* [PROBLEM]: Your task is to copy the stretch of lines in the records below that begins with the line containing "doc.units = ezdxf.units.MM" and ends with the line containing "color=color, linetype=linetype, lineweight=lineweight)", exactly as written, with nothing added.

* [MATERIAL FOR THIS EXERCISE]:
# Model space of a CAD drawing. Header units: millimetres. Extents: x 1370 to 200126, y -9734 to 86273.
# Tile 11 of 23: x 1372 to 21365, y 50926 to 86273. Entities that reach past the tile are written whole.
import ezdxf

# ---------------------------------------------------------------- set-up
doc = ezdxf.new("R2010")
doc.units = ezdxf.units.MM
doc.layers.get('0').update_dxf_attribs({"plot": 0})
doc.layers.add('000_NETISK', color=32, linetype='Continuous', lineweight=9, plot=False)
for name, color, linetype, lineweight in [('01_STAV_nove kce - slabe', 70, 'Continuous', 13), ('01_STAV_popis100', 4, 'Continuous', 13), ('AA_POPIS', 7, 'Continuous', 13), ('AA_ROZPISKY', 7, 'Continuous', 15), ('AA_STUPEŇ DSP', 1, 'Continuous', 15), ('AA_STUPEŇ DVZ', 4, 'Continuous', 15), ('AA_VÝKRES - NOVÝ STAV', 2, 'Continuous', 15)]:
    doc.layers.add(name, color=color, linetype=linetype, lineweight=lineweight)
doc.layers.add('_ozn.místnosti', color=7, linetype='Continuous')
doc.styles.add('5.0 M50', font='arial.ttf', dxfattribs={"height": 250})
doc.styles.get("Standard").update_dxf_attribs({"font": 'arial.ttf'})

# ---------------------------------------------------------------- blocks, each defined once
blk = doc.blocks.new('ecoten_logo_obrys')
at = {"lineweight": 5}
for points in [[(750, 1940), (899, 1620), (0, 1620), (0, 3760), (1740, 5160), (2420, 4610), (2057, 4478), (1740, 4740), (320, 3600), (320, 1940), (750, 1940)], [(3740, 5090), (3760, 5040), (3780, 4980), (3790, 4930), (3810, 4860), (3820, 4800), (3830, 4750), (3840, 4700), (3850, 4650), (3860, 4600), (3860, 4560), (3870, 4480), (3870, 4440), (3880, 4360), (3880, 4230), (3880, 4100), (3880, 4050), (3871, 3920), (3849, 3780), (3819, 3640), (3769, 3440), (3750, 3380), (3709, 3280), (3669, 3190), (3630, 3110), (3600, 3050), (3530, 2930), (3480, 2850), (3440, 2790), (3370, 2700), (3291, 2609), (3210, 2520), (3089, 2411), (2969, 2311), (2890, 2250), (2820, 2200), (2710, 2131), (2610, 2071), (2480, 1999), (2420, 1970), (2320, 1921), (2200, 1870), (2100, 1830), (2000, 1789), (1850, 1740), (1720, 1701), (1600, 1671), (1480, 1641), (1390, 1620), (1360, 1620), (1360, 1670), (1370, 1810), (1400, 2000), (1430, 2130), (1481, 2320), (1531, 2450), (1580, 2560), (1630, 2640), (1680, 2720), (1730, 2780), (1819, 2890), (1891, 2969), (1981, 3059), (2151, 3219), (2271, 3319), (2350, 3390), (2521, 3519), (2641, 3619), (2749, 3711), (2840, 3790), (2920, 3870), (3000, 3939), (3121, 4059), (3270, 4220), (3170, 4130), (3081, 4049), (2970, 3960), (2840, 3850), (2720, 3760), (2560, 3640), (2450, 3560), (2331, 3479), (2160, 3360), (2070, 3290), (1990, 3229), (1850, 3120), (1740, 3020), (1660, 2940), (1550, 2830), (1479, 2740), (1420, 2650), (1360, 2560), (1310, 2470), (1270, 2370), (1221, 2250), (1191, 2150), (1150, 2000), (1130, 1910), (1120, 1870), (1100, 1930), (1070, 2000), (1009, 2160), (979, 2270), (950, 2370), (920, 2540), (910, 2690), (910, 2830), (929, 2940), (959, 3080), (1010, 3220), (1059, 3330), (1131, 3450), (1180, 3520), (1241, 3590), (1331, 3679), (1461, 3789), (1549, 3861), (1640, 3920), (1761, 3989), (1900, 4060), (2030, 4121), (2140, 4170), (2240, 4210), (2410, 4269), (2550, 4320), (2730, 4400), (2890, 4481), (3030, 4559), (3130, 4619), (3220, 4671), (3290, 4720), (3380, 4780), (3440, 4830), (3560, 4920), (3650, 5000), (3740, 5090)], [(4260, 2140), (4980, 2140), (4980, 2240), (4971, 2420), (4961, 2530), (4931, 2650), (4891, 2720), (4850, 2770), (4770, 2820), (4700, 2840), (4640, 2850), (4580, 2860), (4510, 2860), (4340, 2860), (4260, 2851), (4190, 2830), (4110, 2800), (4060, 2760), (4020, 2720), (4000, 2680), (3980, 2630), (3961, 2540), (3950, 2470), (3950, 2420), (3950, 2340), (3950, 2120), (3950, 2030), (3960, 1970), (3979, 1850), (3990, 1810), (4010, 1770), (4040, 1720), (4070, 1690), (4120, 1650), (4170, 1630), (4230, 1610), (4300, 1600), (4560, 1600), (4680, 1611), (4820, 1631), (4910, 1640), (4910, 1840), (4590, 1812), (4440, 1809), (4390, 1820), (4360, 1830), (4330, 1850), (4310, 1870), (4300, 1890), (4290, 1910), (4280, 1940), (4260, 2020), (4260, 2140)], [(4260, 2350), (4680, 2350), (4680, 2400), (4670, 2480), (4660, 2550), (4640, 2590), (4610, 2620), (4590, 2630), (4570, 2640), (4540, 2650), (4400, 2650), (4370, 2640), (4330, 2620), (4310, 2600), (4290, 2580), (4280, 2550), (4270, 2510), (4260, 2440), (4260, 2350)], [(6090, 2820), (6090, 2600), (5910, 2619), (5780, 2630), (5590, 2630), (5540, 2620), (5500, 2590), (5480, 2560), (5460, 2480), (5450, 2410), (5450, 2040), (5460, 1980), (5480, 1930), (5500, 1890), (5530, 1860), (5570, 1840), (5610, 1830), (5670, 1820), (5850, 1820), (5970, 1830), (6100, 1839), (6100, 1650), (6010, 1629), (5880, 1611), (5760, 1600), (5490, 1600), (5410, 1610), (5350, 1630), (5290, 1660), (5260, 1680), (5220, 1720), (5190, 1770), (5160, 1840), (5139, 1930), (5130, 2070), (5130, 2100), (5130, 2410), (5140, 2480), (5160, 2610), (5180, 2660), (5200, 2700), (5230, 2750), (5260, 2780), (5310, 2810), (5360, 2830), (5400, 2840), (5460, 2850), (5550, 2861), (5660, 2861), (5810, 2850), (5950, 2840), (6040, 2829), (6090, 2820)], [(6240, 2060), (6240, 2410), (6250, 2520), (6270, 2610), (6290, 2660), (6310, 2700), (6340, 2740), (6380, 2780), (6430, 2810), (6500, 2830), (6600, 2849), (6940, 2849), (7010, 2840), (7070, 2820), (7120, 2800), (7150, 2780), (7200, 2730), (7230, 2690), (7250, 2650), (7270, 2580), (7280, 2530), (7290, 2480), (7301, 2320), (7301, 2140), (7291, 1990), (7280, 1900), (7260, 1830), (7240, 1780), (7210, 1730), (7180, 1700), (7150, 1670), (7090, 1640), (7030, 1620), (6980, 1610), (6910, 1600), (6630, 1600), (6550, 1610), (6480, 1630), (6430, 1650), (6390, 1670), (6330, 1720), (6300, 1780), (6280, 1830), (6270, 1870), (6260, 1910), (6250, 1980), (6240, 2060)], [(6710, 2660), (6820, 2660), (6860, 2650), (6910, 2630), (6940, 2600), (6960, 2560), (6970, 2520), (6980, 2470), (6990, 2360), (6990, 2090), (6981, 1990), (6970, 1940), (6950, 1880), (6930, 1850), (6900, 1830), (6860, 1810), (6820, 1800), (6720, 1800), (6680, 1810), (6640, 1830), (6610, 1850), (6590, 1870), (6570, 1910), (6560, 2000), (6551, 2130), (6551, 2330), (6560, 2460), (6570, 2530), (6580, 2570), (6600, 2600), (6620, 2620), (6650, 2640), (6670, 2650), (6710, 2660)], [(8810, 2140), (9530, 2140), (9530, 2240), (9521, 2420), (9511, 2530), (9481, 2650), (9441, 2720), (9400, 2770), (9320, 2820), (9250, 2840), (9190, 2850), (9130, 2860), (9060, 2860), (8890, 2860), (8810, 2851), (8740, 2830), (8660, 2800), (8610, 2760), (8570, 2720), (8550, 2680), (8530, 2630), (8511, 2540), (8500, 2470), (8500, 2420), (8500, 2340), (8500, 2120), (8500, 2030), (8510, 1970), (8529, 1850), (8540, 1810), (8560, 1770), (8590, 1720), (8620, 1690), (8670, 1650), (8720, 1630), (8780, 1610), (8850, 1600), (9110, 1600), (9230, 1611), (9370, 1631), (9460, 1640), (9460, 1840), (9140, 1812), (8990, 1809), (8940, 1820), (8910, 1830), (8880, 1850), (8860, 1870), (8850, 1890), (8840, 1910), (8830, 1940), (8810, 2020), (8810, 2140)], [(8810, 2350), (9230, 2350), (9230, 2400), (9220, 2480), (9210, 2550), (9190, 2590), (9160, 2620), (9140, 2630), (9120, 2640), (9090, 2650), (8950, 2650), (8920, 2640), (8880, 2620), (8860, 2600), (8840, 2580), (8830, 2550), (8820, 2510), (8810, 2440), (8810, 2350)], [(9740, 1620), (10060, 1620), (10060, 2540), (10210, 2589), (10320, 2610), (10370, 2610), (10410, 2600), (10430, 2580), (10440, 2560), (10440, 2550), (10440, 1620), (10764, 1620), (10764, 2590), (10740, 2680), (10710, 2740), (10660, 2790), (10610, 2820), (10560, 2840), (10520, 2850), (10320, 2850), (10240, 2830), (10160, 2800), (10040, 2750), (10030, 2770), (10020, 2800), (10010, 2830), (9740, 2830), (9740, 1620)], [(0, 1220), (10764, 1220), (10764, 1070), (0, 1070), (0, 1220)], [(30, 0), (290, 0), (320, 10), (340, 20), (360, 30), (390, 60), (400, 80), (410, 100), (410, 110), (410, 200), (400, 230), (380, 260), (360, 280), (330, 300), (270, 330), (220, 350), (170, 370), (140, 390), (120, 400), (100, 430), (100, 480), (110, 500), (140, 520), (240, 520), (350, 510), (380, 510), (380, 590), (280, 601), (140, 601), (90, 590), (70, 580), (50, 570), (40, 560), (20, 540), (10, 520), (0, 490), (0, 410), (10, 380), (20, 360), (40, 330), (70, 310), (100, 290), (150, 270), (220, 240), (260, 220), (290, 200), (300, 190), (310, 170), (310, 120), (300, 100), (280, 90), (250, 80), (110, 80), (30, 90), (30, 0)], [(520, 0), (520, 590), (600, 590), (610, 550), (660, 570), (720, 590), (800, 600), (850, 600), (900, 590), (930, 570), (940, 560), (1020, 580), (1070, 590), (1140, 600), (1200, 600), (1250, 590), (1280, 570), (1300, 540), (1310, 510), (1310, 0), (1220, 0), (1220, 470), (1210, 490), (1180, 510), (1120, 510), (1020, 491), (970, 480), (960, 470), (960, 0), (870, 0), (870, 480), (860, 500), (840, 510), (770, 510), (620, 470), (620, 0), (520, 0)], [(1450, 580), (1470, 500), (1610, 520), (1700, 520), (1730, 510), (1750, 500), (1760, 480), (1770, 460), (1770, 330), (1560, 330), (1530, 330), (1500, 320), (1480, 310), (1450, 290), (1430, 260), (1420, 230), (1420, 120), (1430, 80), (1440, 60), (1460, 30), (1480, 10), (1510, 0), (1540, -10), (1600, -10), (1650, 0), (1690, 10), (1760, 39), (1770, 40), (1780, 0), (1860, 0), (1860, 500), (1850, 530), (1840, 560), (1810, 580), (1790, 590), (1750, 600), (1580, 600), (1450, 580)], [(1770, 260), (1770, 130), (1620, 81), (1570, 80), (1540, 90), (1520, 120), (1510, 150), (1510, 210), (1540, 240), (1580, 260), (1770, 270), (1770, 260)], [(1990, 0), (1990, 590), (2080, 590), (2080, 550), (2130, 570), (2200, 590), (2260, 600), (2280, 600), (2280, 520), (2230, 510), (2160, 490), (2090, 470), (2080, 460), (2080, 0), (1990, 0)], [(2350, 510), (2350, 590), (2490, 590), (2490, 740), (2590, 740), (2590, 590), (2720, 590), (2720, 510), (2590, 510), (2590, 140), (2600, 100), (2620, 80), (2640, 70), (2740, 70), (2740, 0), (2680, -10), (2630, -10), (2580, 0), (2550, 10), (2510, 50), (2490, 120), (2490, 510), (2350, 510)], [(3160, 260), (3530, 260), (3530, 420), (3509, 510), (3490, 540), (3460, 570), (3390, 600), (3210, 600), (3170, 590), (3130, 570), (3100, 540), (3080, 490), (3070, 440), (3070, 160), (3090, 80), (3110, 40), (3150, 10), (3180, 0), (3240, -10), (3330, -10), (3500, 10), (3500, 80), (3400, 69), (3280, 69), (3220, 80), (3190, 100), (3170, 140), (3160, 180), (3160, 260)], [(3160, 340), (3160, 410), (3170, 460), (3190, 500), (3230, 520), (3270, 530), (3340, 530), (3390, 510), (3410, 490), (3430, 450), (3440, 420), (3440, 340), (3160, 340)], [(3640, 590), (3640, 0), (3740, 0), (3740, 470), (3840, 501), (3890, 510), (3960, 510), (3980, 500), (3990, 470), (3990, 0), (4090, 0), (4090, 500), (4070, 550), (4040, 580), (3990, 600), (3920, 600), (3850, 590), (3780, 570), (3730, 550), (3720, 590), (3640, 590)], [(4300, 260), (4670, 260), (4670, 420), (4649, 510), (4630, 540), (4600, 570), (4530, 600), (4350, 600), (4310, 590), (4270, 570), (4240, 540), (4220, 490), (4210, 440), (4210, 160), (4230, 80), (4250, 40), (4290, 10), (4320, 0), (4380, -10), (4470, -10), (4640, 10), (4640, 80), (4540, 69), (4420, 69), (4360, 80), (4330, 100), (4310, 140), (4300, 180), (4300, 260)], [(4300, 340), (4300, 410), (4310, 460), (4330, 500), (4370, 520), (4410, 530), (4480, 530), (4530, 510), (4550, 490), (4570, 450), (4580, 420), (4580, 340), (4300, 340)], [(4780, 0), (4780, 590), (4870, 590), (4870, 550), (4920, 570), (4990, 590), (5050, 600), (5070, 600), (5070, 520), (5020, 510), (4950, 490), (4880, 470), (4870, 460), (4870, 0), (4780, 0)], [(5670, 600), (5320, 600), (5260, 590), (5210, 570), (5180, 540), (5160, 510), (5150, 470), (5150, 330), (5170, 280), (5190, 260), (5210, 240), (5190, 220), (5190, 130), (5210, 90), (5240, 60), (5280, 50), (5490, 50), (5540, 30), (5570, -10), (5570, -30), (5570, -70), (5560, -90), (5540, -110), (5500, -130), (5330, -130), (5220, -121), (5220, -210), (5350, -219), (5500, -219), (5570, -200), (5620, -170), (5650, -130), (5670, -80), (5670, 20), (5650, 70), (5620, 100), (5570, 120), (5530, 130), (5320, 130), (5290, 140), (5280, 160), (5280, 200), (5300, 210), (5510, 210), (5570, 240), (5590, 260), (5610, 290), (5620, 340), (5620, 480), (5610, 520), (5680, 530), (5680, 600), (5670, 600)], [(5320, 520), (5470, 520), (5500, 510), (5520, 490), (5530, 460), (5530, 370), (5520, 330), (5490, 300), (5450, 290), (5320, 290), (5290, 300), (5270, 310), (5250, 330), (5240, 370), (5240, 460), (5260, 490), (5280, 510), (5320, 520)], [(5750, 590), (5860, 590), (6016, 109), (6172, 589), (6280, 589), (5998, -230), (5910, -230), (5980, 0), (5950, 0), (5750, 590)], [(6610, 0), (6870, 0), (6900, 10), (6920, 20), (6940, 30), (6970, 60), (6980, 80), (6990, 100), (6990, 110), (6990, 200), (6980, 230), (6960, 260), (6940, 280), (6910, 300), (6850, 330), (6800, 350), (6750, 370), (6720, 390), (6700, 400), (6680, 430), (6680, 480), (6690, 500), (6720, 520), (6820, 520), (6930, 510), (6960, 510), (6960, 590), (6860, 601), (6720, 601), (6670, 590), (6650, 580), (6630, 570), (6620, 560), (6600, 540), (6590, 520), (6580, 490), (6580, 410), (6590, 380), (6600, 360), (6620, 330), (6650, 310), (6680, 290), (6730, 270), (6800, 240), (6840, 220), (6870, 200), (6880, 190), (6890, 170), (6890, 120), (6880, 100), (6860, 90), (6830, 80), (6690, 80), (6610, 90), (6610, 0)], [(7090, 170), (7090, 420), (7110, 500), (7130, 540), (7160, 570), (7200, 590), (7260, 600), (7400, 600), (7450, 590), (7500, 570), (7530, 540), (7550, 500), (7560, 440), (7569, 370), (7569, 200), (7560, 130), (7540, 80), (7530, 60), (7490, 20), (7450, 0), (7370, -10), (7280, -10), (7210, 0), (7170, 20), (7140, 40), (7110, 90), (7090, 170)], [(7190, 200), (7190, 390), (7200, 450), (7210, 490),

* [RESULT FOR THIS TASK]:
doc.units = ezdxf.units.MM
doc.layers.get('0').update_dxf_attribs({"plot": 0})
doc.layers.add('000_NETISK', color=32, linetype='Continuous', lineweight=9, plot=False)
for name, color, linetype, lineweight in [('01_STAV_nove kce - slabe', 70, 'Continuous', 13), ('01_STAV_popis100', 4, 'Continuous', 13), ('AA_POPIS', 7, 'Continuous', 13), ('AA_ROZPISKY', 7, 'Continuous', 15), ('AA_STUPEŇ DSP', 1, 'Continuous', 15), ('AA_STUPEŇ DVZ', 4, 'Continuous', 15), ('AA_VÝKRES - NOVÝ STAV', 2, 'Continuous', 15)]:
    doc.layers.add(name, color=color, linetype=linetype, lineweight=lineweight)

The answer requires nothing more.